In this article, you will learn everything you need to know about the Forensics module. To access the Forensics module, you need to log in to the HEIMDAL Dashboard, click on Products -> Forensics -> Forensics.
1. Description
2. Functionality
Description
Your account manager must activate the module, by enabling “Forensics” option in Licensing option.
Further, the customer needs to enable the module at the Endpoint Settings view - by selecting the Group Policy - clicking the General Settings, and he will find 2 new options added in General Tab, under “ADMIN SETTINGS” section:
Both options are disabled by default.
Enable Thor Forensics - by activating it the Antivirus, DarkLayer Guard and Privileged Access Management will send alerts to Forensics Module (also named as Insights Module), if, of course, each of them are activated and enabled.
Antivirus will raise alerts on every Infected or Suspicious file detected, DarkLayer Guard will send alerts for blocked or blacklisted requests, Privileged Access Management will send notifications only for processes started with admin rights during a session elevation.
Enable Memory Management - by activating it, Heimdal will scan periodically all running processes from each active client and save average memory usage.
This new module was created, in order to collect statistics from agent. There are 2 main sub-components: one that gathers information from the other modules (if those other modules are enabled) – Antivirus, DarkLayer Guard and Privileged Access Management, and one that gathers statistics from memory usage, similar to the task manager, the only difference being that it collects data on a time routine and displays some average calculations.
After accessing it, user will be redirected to the main view, where it will see the list with all alerts gathered:
In this grid, the user will be able to search through data by process name, process id, hostname or remote IP. Also, data can be ordered by process name, hostname, source and score. “Download CSV” will export a CSV report with all data available from the specified timeframe.
If the customer has licensing option enabled for Application Control, he will be able to create rules for one alert at a time.
For some processes (the one that we could calculate MD5 hash), a link to VirusTotal will be present in grid. Please note that not all alerts are having a valid VirusTotal hash, for some of them there is a small chance that VirusTotal could not get any data.
For processes what have process ID different than zero, performing a click on process name will redirect user to a new page, in order to see more details regarding selected process, like in the screenshot below:
Over here you will see the main details in the left-upper side of the page. Next, under the details from left-upper side, there is a graph displayed with processes hierarchy that spawned the current process. For each process in the graph, the details from the right side of the page will be updated with data for selected node. In the screenshot above, “EXCEL.EXE” was selected.

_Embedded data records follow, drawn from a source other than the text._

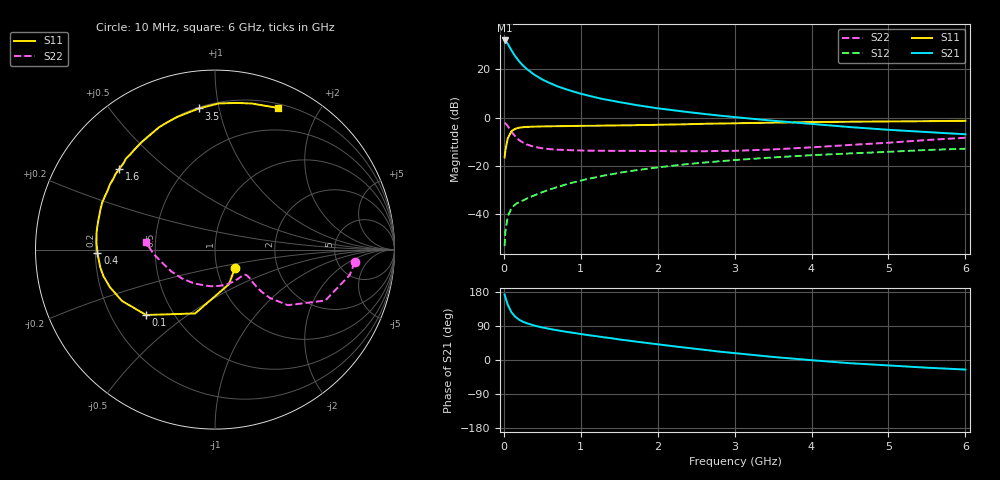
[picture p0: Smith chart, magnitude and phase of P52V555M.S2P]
! SIEMENS Small Signal Semiconductors
! BFP183
! Si NPN RF Bipolar Junction Transistor in SOT143
! VCE = 2.5 V  IC = 55 mA
! Common Emitter S-Parameters:  March  1996
# GHz  S  MA  R  50
!  f  S11  S21  S12  S22
! GHz  MAG  ANG  MAG  ANG  MAG  ANG  MAG  ANG
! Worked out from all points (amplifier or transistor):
!   36 points, 10 MHz to 6 GHz, reference 50 ohm
!   highest |S21| = 32.0 dB at 10 MHz (marker M1)
!   |S21| within 3 dB of that: start of sweep to 79.72 MHz
!   unconditionally stable (mu >= 1): start of sweep to 25.64 MHz; 221.9 MHz to end of sweep
!   at 250 MHz: K = 1.08, MAG = 26.2 dB, |S12| = -34.2 dB
!   at 1.4 GHz: K = 1.58, MAG = 10.8 dB, |S12| = -23.4 dB
!   at 6 GHz: K = 1.21, MAG = 0.2 dB, |S12| = -12.8 dB
!   S11 on the Smith chart (normalised r, x): 10 MHz: 1.22, -0.25; 100 MHz: 0.35, -0.36; 400 MHz: 0.21, -0.02; 1.6 GHz: 0.20, +0.35; 3.5 GHz: 0.21, +0.87; 6 GHz: 0.24, +1.51
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0.01  0.1511 -42.2  39.77 172.7  0.0022 67.1  0.7815 -5.1
0.02  0.2082 -68.2  39.18 165.5  0.0044 65.8  0.7639 -10.7
0.05  0.3725 -107.3  34.15 146.3  0.009 63.6  0.6767 -24.8
0.1  0.5293 -136.5  24.68 125.6  0.0136 51.8  0.5112 -37.3
0.15  0.5919 -151.1  18.6 113.8  0.0162 48.7  0.4071 -41.4
0.2  0.6221 -160.4  14.62 106.2  0.0181 48.5  0.3441 -42.2
0.25  0.6389 -166.6  11.98 100.9  0.0194 49.5  0.3051 -41.7
0.3  0.6468 -171.2  10.15 97.0  0.0214 50.7  0.2787 -40.9
0.4  0.655 -178.2  7.715 90.6  0.0249 55.8  0.2496 -39.5
0.5  0.6619 176.5  6.18 85.9  0.0288 57.1  0.2335 -39.0
0.6  0.6666 171.6  5.212 81.8  0.033 58.8  0.2238 -39.2
0.7  0.6689 167.9  4.451 78.2  0.0369 59.9  0.2186 -39.9
0.9  0.6761 161.0  3.502 71.8  0.0458 61.2  0.2126 -42.6
1.1  0.6818 154.1  2.869 65.5  0.0547 61.2  0.2087 -46.3
1.3  0.6888 148.4  2.419 59.9  0.0636 60.6  0.2076 -50.9
1.6  0.698 139.7  1.985 51.8  0.0766 58.9  0.2069 -58.0
2.2  0.7252 124.1  1.433 36.4  0.102 53.6  0.203 -75.9
2.8  0.758 110.1  1.11 22.2  0.1257 47.5  0.2055 -96.4
3.5  0.7915 96.5  0.867 8.1  0.1511 40.6  0.2212 -121.4
4.5  0.8263 81.5  0.641 -8.5  0.1826 30.4  0.2736 -154.0
5.5  0.8491 70.6  0.506 -20.3  0.2154 21.1  0.346 -176.6
6  0.8642 66.0  0.455 -25.2  0.2283 15.9  0.3856 174.0

After switching to “explorer.exe”, the content changed in:
For each process, we are monitoring network activity performed by that process and we display all requests made in “Network Activity” grid, from right-lower side. The other details that are presented are: the owner of the process, session ID, full path of the process, command line arguments, thread count, total read operations, total write operations.
Memory Load view :
The second sub-tab will contain the list of all processes that were running in the selected timeframe.
If the option “Enable Memory management” is activated in Group Policy, in agent, at every 20 minutes we take a snapshot of processes that are running in that moment and we save them in a local database. If there are multiple processes spawned under same parent, like in the screenshot below, we take all processes with same name, and save only one record in data base:
For each process, we save the owner, number of handles, number of threads, working set, measured in KB, peak working set (also in KB), total read operations and total write operations. If there is a situation like in the screenshot above, we save only one instance of chrome in local database, and for each of the properties saved, we make the sum of each child process’s properties. Only for the Peak Working set we take the maximum value.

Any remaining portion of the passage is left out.